His own words were enough to bring Dirty Jimmy DiAngelo up short and earn him a demonic electronic poke in the ass.
“Why not, Hoffa?” he grunted as they double timed across the boiler room toward their fire-box gates. Seven foot tall red demons they might be, but jobwise, what were Satan’s goons but cops and prison guards? And near as Jimmy DiAngelo could tell, their working conditions were even worse than those of the lettuce pickers before César Chávez organized them. Seven-day weeks. Twenty-four-hour days. No lunch break. No toilet breaks at all. What was their wage?

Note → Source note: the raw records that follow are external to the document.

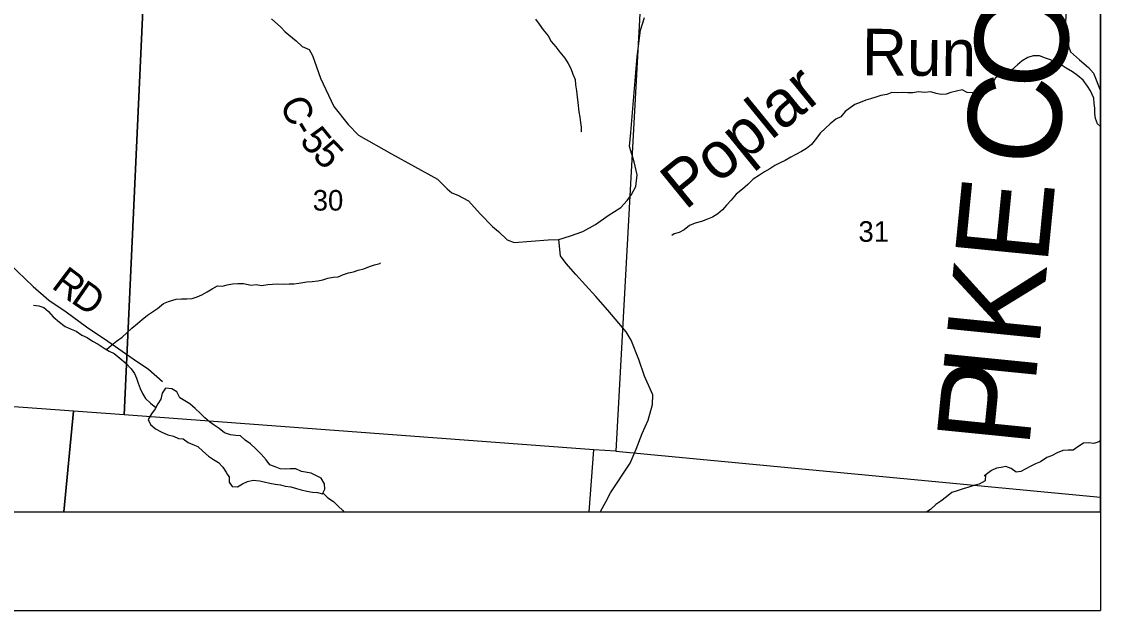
# Model space of a CAD drawing. Extents: x 5.6 to 39.6, y 0.7 to 22.7.
# Drawn here: x 12.858 to 15.052, y 14.707 to 15.903 of the extents above; entities that cross this region are included whole.
import ezdxf

# ---------------------------------------------------------------- set-up
doc = ezdxf.new("R2010")
doc.units = 0
doc.layers.add('Default', color=7, linetype='Continuous')
doc.layers.add('SH_Data', color=7, linetype='Continuous')

msp = doc.modelspace()

# ---------------------------------------------------------------- linework, layer by layer
at = {"layer": 'Default'}
for p, q in [((15.0518, 14.9373), (15.0518, 15.9625)), ((11.8881, 14.9074), (12.9445, 14.9074)), ((12.9445, 14.9074), (14.0121, 14.9074))]:
    msp.add_line(p, q, dxfattribs=at)
for points in [[(8.2518, 18.5322), (8.2518, 14.9074), (15.0518, 14.9074), (15.0518, 18.0251)], [(8.2518, 18.5322), (8.2518, 14.9074), (15.0518, 14.9074), (15.0518, 18.0251)], [(8.2518, 18.5322), (8.2518, 14.9074), (15.0518, 14.9074), (15.0518, 18.0251)], [(14.6817, 16.1552), (14.682, 16.155), (14.6933, 16.1477), (14.796, 16.0871), (14.8885, 16.041), (14.9244, 16.0245), (14.9584, 16.0122), (14.9777, 16.0079), (14.9931, 15.9968), (14.9999, 15.9804), (14.9894, 15.9452), (14.9817, 15.9221), (14.9808, 15.8936), (14.9863, 15.8556), (14.9911, 15.8416), (15.0092, 15.8255), (15.0277, 15.8099), (15.0378, 15.7984), (15.0518, 15.7628)], [(15.0518, 15.9625), (14.121, 16.0188), (14.0665, 15.031), (15.0518, 14.9373)], [(13.3666, 15.9088), (13.3855, 15.892), (13.3945, 15.8824), (13.4168, 15.8645), (13.4288, 15.8526), (13.4432, 15.8469), (13.4499, 15.8347), (13.4659, 15.7883), (13.4929, 15.7308), (13.5222, 15.6942), (13.5433, 15.6725), (13.6101, 15.6345), (13.7041, 15.5831), (13.7139, 15.5732), (13.7233, 15.5637), (13.7331, 15.5557), (13.7456, 15.5507), (13.7667, 15.5392), (13.7908, 15.5128), (13.816, 15.4869), (13.8277, 15.4766), (13.8454, 15.4598), (13.8598, 15.4548), (13.9291, 15.4597), (13.9504, 15.461), (13.9743, 15.468), (13.9993, 15.4771), (14.0251, 15.491), (14.051, 15.5091), (14.0765, 15.5257), (14.0898, 15.54), (14.0986, 15.5521), (14.1074, 15.5684), (14.1098, 15.5923), (14.1035, 15.6181), (14.0946, 15.6493), (14.0967, 15.6781), (14.1101, 15.8325), (14.1164, 15.8856), (14.1249, 15.9118)], [(13.9029, 15.9085), (13.9103, 15.8977), (13.9187, 15.8865), (13.9291, 15.8742), (13.9349, 15.863), (13.9448, 15.8518), (13.9529, 15.841), (13.9629, 15.8291), (13.9698, 15.8179), (13.9749, 15.8079), (13.9788, 15.7968), (13.9839, 15.7854), (13.9844, 15.7751), (13.9868, 15.7629), (13.988, 15.7504), (13.9893, 15.7386), (13.9911, 15.72), (13.9932, 15.7089), (13.9948, 15.6986), (13.9961, 15.6891), (13.9959, 15.6796), (13.9951, 15.6793)], [(15.0518, 15.6904), (15.0457, 15.6959), (15.0421, 15.7062), (15.0405, 15.7168), (15.0404, 15.7275), (15.039, 15.737), (15.0385, 15.748), (15.0313, 15.7626), (15.0254, 15.7722), (15.0166, 15.7845), (15.0055, 15.7939), (14.995, 15.8013), (14.982, 15.8088), (14.9719, 15.8151), (14.9614, 15.8199), (14.9501, 15.8258), (14.94, 15.8291), (14.9276, 15.8335), (14.9151, 15.8334), (14.9044, 15.8306), (14.8925, 15.8237), (14.8829, 15.8155), (14.872, 15.8052), (14.861, 15.8016), (14.8506, 15.7965), (14.8387, 15.7888), (14.8328, 15.7787), (14.8239, 15.7687), (14.812, 15.7625), (14.801, 15.7593), (14.7907, 15.7584), (14.7809, 15.759), (14.7704, 15.7646), (14.759, 15.7622), (14.7479, 15.7594), (14.7384, 15.7558), (14.7278, 15.7549), (14.718, 15.757), (14.7067, 15.7603), (14.6938, 15.7594), (14.6817, 15.7608), (14.6703, 15.7588), (14.6604, 15.7587), (14.6498, 15.7593), (14.6388, 15.7588), (14.6275, 15.759), (14.6172, 15.7554), (14.6054, 15.753), (14.5951, 15.7495), (14.584, 15.7467), (14.5745, 15.7439), (14.5634, 15.7392), (14.5527, 15.7352), (14.5431, 15.7283), (14.5327, 15.7209), (14.5238, 15.7101), (14.5138, 15.7054), (14.5022, 15.6954), (14.4926, 15.6869), (14.4817, 15.6765), (14.4747, 15.6664), (14.4642, 15.6538), (14.4541, 15.6453), (14.4438, 15.6394), (14.4323, 15.6332), (14.4223, 15.6278), (14.4108, 15.6208), (14.4005, 15.6161), (14.3901, 15.611), (14.3794, 15.6041), (14.3686, 15.5982), (14.3583, 15.5912), (14.346, 15.5832), (14.3351, 15.5724), (14.3243, 15.5628), (14.3112, 15.5525), (14.3007, 15.5406), (14.2914, 15.5305), (14.2836, 15.5208), (14.2736, 15.5131), (14.2628, 15.5061), (14.2529, 15.5022), (14.2406, 15.4975), (14.2281, 15.4936), (14.2162, 15.4889), (14.2054, 15.4805), (14.1954, 15.475), (14.1852, 15.4722), (14.1805, 15.4685)], [(12.3296, 15.7883), (12.339, 15.7727), (12.3492, 15.7574), (12.3601, 15.7441), (12.3774, 15.7307), (12.3955, 15.717), (12.4215, 15.688), (12.4611, 15.6623), (12.5233, 15.6229), (12.5788, 15.5895), (12.6272, 15.5653), (12.6498, 15.5527), (12.6846, 15.5396), (12.7061, 15.5239), (12.8338, 15.4112), (12.8817, 15.365), (12.9137, 15.3375), (12.9488, 15.3138), (12.9903, 15.2835), (13.0337, 15.2541), (13.085, 15.2181), (13.1166, 15.197), (13.1449, 15.1722)], [(14.0351, 14.9074), (14.0353, 14.9084), (14.046, 14.9277), (14.0555, 14.9463), (14.0955, 15.0065), (14.1081, 15.0349), (14.12, 15.0664), (14.1322, 15.0937), (14.1414, 15.1255), (14.1418, 15.1449), (14.1245, 15.1833), (14.1132, 15.2171), (14.0978, 15.2562), (14.0872, 15.273), (14.0501, 15.3175), (14.0259, 15.3446), (14.0048, 15.3682), (13.9855, 15.3895), (13.9654, 15.412), (13.9541, 15.4272), (13.9504, 15.461)], [(13.0309, 15.237), (13.0413, 15.2463), (13.0513, 15.254), (13.0628, 15.2621), (13.0725, 15.271), (13.0826, 15.2803), (13.0938, 15.2903), (13.1034, 15.2984), (13.1146, 15.3073), (13.1242, 15.3135), (13.1346, 15.3208), (13.1469, 15.3304), (13.1569, 15.3348), (13.1725, 15.3393), (13.1831, 15.3403), (13.1945, 15.3404), (13.2051, 15.3409), (13.2154, 15.3441), (13.225, 15.3484), (13.2357, 15.3546), (13.2457, 15.3605), (13.2564, 15.3663), (13.2667, 15.3661), (13.2766, 15.3689), (13.2872, 15.3706), (13.2978, 15.3711), (13.3092, 15.3712), (13.3254, 15.3678), (13.3349, 15.3691), (13.3462, 15.3674), (13.3588, 15.3694), (13.3686, 15.3703), (13.3796, 15.3704), (13.391, 15.3702), (13.402, 15.3707), (13.4118, 15.3709), (13.4221, 15.3721), (13.4384, 15.3744), (13.449, 15.3757), (13.4608, 15.377), (13.4711, 15.379), (13.481, 15.3822), (13.4916, 15.3839), (13.5019, 15.3852), (13.513, 15.3899), (13.5233, 15.3927), (13.5328, 15.3951), (13.5423, 15.3987), (13.5541, 15.4011), (13.566, 15.4061), (13.5755, 15.409), (13.5869, 15.4118), (13.5881, 15.4132)], [(12.8825, 15.3276), (12.8931, 15.3258), (12.9036, 15.3229), (12.9133, 15.3144), (12.9225, 15.3039), (12.9351, 15.293), (12.9471, 15.284), (12.9594, 15.2784), (12.9692, 15.2748), (12.9811, 15.2662), (12.9916, 15.2618), (13.0028, 15.254), (13.0137, 15.248), (13.0264, 15.2398), (13.0361, 15.2339), (13.0462, 15.2291), (13.0581, 15.2194), (13.0711, 15.2088), (13.0811, 15.198), (13.0881, 15.1884), (13.0916, 15.1788), (13.0956, 15.1689), (13.0995, 15.1581), (13.1038, 15.1478), (13.11, 15.1378), (13.1201, 15.1285), (13.1312, 15.1195)], [(12.9445, 14.9074), (12.9641, 15.1117), (12.0885, 15.1757), (11.9086, 15.1889), (11.8881, 14.9074)], [(13.4271, 14.9893), (13.4159, 14.9949), (13.4042, 14.9952), (13.3947, 14.9942), (13.3841, 14.9948), (13.3736, 14.9992), (13.3631, 15.0033), (13.3553, 15.0133), (13.3457, 15.0245), (13.3346, 15.0358), (13.3239, 15.0455), (13.313, 15.0529), (13.3034, 15.0622), (13.2936, 15.0624), (13.283, 15.0638), (13.271, 15.0679), (13.2598, 15.0765), (13.2501, 15.0839), (13.2404, 15.0906), (13.2307, 15.0984), (13.2211, 15.108), (13.2111, 15.1174), (13.2003, 15.1271), (13.1902, 15.133), (13.1801, 15.1393), (13.174, 15.1516), (13.1639, 15.1575), (13.151, 15.1585), (13.144, 15.1484), (13.1411, 15.1367), (13.1356, 15.127), (13.1296, 15.1169), (13.1222, 15.1064), (13.1159, 15.0952), (13.1202, 15.0849), (13.1303, 15.0763), (13.1419, 15.0704), (13.1557, 15.064), (13.167, 15.0611), (13.1771, 15.0563), (13.187, 15.0557), (13.1971, 15.0487), (13.2068, 15.0446), (13.2166, 15.0403), (13.2269, 15.0305), (13.2385, 15.0204), (13.2482, 15.0141), (13.2586, 15.0078), (13.2675, 14.9982), (13.2752, 14.987), (13.2759, 14.9851)], [(14.0121, 14.9074), (14.0218, 15.0338), (13.0667, 15.1046), (12.9641, 15.1117), (12.9445, 14.9074)], [(15.0518, 15.0518), (15.0487, 15.05), (15.0387, 15.0467), (15.0285, 15.048), (15.0175, 15.0468), (15.006, 15.0394), (14.9964, 15.0328), (14.9862, 15.0331), (14.9752, 15.0322), (14.9637, 15.0271), (14.9526, 15.0213), (14.943, 15.0177), (14.93, 15.0089), (14.92, 15.0049), (14.9105, 15.0006), (14.9001, 14.9951), (14.8901, 14.9897), (14.8803, 14.9884), (14.8706, 14.9958), (14.8597, 14.9998), (14.8502, 14.9974), (14.8403, 14.9961), (14.83, 14.9914), (14.8196, 14.9837), (14.8157, 14.9803)], [(13.2759, 14.9851), (13.2804, 14.9788), (13.2805, 14.9681), (13.2862, 14.9587), (13.2975, 14.9583), (13.3077, 14.9644), (13.3179, 14.9693), (13.3289, 14.972), (13.3418, 14.9705), (13.3516, 14.9686), (13.363, 14.966), (13.374, 14.9637), (13.385, 14.9626), (13.3944, 14.96), (13.4058, 14.9581), (13.4175, 14.9547), (13.427, 14.9521), (13.4384, 14.9494), (13.4497, 14.9476), (13.46, 14.9468), (13.4698, 14.9442), (13.4747, 14.9537), (13.4743, 14.9643), (13.4671, 14.9761), (13.4565, 14.9813), (13.447, 14.9859), (13.4271, 14.9893)], [(14.818, 14.9824), (14.8173, 14.9705), (14.8052, 14.964), (14.7942, 14.961), (14.784, 14.9575), (14.7726, 14.9545), (14.7605, 14.9503), (14.7499, 14.9468), (14.739, 14.9381), (14.7272, 14.9293), (14.717, 14.9225), (14.7061, 14.9126), (14.6991, 14.9074)], [(13.4708, 14.9461), (13.4808, 14.9362), (13.4922, 14.9287), (13.5021, 14.9192), (13.5115, 14.9105), (13.5138, 14.9074)]]:
    msp.add_lwpolyline(points, dxfattribs=at)
for points in [[(12.1494, 16.1525), (13.1121, 16.0885), (13.0667, 15.1046), (12.9641, 15.1117), (12.0885, 15.1757)], [(13.1121, 16.0885), (14.121, 16.0188), (14.0665, 15.031), (14.0218, 15.0338), (13.0667, 15.1046)]]:
    msp.add_lwpolyline(points, close=True, dxfattribs=at)
at = {"layer": 'SH_Data'}
for p in [(15.0518, 21.7074), (8.0518, 14.7074)]:
    msp.add_line(p, (15.0518, 14.7074), dxfattribs=at)

# ---------------------------------------------------------------- texts
at = {"layer": 'Default'}
for s, height, rotation, p in [('O', 0.1894, 84.9739, (14.9774, 15.7605)), ('Run', 0.09469, 359.524, (14.5665, 15.7942)), ('Poplar', 0.0947, 39.1794, (14.2077, 15.5189)), ('C', 0.1894, 84.7044, (14.9631, 15.6058)), ('C', 0.0568, 294.3199, (13.3823, 15.7368)), ('-', 0.0568, 301.1851, (13.405, 15.6877)), ('5', 0.0568, 309.1047, (13.422, 15.6608)), ('5', 0.0568, 313.912, (13.4476, 15.6297)), ('E', 0.1894, 84.3689, (14.9436, 15.4063)), ('30', 0.04182, 0, (13.4502, 15.5194)), ('31', 0.04182, 0, (14.5598, 15.456)), ('R', 0.0568, 322.8959, (12.917, 15.3638)), ('K', 0.1894, 84.2812, (14.9269, 15.2397)), ('D', 0.0568, 325.4397, (12.9564, 15.3341)), ('I', 0.1894, 84.2772, (14.9192, 15.1629)), ('P', 0.1894, 84.279, (14.9064, 15.0348))]:
    msp.add_text(s, height=height, rotation=rotation, dxfattribs=at).set_placement(p)

doc.saveas('drawing.dxf')

Were they even paid?
“Easy pickings, Hoffa,” DiAngelo told him as they fed the furnace together right under the noses of two of the prospective membership. “You ever seen workers laboring under worse conditions than these guys?”
“You nuts, DiAngelo?”
“Ex-president thereof,” Dirty Jimmy told him as they dashed back to the coal pile. “NUTS with great big capital letters.”
“Unionize Hell?”
“They said you couldn’t organize the temps …”
“Scabs, DiAngelo!”
“Whatever you wanna call ’em, I gave ’em a union, didn’t I?” Dirty Jimmy told him as they filled their shovels. “Otherwise would I even be here?”
“Dunno …”
“Got anything better t’do down here, Hoffa—?”
Dante had placed his silly fictional version of the Devil in a lake of ice at the bottom of a Hell that was an immense terraced pit; the real CEO of the real Hell thought that quite ridiculous. But it had given Lucifer the idea for the Control Room. He wasn’t about to plant his ass in a frozen lake, but observing and directing the proceedings from the bottom of a terraced 360-degree surround of monitor-like images of his various virtual tortures, like a television director broadcasting a reality show called Damned in Hell, made convenient sense.